Incidents/2023-05-05 wdqs not updating in codfw
document status: draft
Summary
Incident ID | 2023-05-05 wdqs not updating in codfw | Start | 2023-05-04T10:00 |
---|---|---|---|
Task | T336134 | End | 2023-05-10T10:30 |
People paged | 0 | Responder count | 3 |
Coordinators | None | Affected metrics/SLOs | WDQS update lag |
Impact | End users accessing WDQS from the CODFW region received stale results. |
…
The rdf-streaming-updater application in CODFW became unstable and stopped sending updates, resulting in stale data for users connecting through CODFW.
Timeline
2023-05-04T10:00
: the streaming updater flink job stopped to function in codfw for both WDQS and WCQS- user impact starts: stale results are seen when using WDQS from a region that hits CODFW
- reason is likely https://issues.apache.org/jira/browse/FLINK-22597
2023-05-05T16:22
: the problem is reported by Bovlb via https://www.wikidata.org/wiki/Wikidata:Report_a_technical_problem/WDQS_and_Search2023-05-05T19:00
: the flink jobmanager container is manually restarted and the jobs resume but the WDQS one is very unstable (k8s is heavily throttling cpu usage and taskmanager mem usage grows quickly)- (assumptions) because the job was backfilling 1day of data it required more resources than usual, though this is not the first time that a backfill happens (e.g. k8s cluster upgrades went well)
- (assumptions) because the job was resource constrained rocksdb resource compaction did not happen in a timely manner
2023-05-05T21:00
: the job fails again2023-05-06T10:00
: the job resumes (unknown reasons)2023-05-06T19:00
: the job fails again- Seeing jvm OutOfMemoryError
- The checkpoint it tries to recover from is abnormally large (6G instead of 1.5G usually), assumption is that rocksdb compaction did not occur properly
2023-05-07T17:27
: this ticket is created as UBN2023-05-08T16:00
: wdqs in CODFW is depooled- user impact ends
2023-05-09T14:00
: increasing taskmanager memory from 1.9G to 2.5G did not help2023-05-09T14:00
: starting the job from yarn using across 12 containers with 5G did help- the job recovered and started to produce reasonable checkpoint sizes
2023-05-10T00:00
: lag is back to normal on all wdqs servers2023-05-10T10:30
: the job is resumed from k8s@codfw
Detection
Prometheus alerts for the WCQS cluster fired starting at 2023-05-04T1030
. Alerts were dispatched via email, with subject RdfStreamingUpdaterFlinkJobUnstable .

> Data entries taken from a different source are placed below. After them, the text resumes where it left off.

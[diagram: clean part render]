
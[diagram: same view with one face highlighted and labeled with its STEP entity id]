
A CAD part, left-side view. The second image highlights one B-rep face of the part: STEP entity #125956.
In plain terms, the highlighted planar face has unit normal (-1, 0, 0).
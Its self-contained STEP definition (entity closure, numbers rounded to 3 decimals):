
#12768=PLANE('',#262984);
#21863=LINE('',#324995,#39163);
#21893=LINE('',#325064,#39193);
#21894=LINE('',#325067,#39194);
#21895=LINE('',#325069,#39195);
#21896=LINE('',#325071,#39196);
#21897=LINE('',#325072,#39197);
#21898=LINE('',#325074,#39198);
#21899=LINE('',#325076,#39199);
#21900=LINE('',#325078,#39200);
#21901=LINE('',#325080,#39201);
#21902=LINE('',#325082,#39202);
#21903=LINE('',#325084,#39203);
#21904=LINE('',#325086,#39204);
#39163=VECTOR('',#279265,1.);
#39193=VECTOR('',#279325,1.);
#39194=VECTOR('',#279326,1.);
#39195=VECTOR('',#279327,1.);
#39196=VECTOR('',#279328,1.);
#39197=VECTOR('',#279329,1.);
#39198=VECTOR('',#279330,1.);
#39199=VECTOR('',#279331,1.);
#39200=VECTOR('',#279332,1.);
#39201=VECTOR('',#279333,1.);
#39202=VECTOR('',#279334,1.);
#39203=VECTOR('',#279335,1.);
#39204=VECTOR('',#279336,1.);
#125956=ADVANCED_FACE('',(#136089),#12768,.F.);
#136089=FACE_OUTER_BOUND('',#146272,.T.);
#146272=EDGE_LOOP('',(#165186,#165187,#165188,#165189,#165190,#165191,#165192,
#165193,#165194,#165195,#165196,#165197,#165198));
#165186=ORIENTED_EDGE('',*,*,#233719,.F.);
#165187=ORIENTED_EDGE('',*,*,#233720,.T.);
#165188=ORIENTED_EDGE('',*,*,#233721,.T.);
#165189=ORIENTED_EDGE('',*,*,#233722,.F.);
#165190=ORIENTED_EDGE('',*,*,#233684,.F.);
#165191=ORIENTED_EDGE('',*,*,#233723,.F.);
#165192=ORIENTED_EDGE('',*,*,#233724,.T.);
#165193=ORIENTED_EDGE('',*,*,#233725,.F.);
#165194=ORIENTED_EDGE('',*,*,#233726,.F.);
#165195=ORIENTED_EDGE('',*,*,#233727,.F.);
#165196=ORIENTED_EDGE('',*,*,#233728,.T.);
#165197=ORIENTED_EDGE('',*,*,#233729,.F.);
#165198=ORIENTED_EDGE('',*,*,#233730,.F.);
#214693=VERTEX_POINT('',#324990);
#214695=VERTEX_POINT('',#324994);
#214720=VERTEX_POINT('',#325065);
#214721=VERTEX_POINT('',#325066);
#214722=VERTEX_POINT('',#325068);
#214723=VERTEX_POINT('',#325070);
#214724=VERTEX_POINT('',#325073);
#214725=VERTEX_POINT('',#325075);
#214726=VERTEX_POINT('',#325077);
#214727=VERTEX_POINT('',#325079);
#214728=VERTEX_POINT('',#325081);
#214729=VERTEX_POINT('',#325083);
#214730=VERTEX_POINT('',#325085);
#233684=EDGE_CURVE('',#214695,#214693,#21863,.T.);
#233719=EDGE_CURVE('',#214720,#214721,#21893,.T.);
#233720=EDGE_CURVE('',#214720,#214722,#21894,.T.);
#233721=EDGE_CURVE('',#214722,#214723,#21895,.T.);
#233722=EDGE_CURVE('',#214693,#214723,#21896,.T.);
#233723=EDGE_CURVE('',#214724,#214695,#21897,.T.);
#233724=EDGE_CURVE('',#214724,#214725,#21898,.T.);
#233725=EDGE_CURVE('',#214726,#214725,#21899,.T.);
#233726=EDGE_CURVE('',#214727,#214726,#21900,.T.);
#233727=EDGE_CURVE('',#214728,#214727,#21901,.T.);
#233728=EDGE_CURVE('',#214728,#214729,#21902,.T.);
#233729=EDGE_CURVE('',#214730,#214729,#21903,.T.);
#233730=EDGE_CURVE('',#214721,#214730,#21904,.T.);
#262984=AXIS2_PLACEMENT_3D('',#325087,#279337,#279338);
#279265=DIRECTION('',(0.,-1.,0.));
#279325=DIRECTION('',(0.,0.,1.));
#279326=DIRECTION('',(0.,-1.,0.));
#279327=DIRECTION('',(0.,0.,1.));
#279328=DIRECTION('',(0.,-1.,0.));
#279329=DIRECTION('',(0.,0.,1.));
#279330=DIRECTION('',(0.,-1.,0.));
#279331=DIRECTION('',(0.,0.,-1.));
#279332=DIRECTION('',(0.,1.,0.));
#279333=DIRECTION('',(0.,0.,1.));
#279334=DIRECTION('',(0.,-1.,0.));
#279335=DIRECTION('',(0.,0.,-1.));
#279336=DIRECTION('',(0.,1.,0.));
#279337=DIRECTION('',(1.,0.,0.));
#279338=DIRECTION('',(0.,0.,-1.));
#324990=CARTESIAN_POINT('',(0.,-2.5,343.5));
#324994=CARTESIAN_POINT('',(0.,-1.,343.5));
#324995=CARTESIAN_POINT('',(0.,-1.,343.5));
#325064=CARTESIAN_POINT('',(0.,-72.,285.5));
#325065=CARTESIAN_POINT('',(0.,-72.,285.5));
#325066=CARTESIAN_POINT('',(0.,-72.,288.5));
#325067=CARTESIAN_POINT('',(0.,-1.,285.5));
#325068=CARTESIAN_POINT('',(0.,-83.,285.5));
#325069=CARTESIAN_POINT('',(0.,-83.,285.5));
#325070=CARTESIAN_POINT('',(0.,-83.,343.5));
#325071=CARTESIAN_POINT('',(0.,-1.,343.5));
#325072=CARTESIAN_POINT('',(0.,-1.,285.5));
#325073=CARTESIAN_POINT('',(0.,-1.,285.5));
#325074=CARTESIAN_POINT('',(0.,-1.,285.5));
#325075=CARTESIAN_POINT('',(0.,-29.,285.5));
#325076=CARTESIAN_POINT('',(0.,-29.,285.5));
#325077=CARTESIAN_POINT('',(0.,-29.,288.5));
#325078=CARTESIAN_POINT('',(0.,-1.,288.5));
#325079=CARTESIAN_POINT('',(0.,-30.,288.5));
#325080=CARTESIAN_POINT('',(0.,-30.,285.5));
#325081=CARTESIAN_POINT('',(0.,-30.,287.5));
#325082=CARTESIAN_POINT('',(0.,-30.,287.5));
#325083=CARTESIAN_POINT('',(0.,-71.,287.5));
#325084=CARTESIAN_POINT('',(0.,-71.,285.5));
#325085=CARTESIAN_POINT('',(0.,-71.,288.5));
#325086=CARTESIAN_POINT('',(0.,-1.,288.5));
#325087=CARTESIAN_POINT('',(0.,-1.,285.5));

WDQS cluster alerts started a bit later, at 2023-05-05T1908.
In addition to the above subject, WDQS alerts also included the subject RdfStreamingUpdaterHighConsumerUpdateLag.
The alerts correctly identified the problem and linked to the appropriate documentation.
Conclusions
What went well?
- The community recognized and alerted us to the issue.
What went poorly?
- The alert was not treated with the appropriate urgency.
- Remediation steps (temporarily shifting the streaming updater from Kubernetes to Yarn, which has higher resource availability) were taken by a single person and may not be repeatable/documented.
Where did we get lucky?
User impact was limited, as the issue was confined to CODFW. The issue itself only resulted in stale results, as opposed to a complete lack of service.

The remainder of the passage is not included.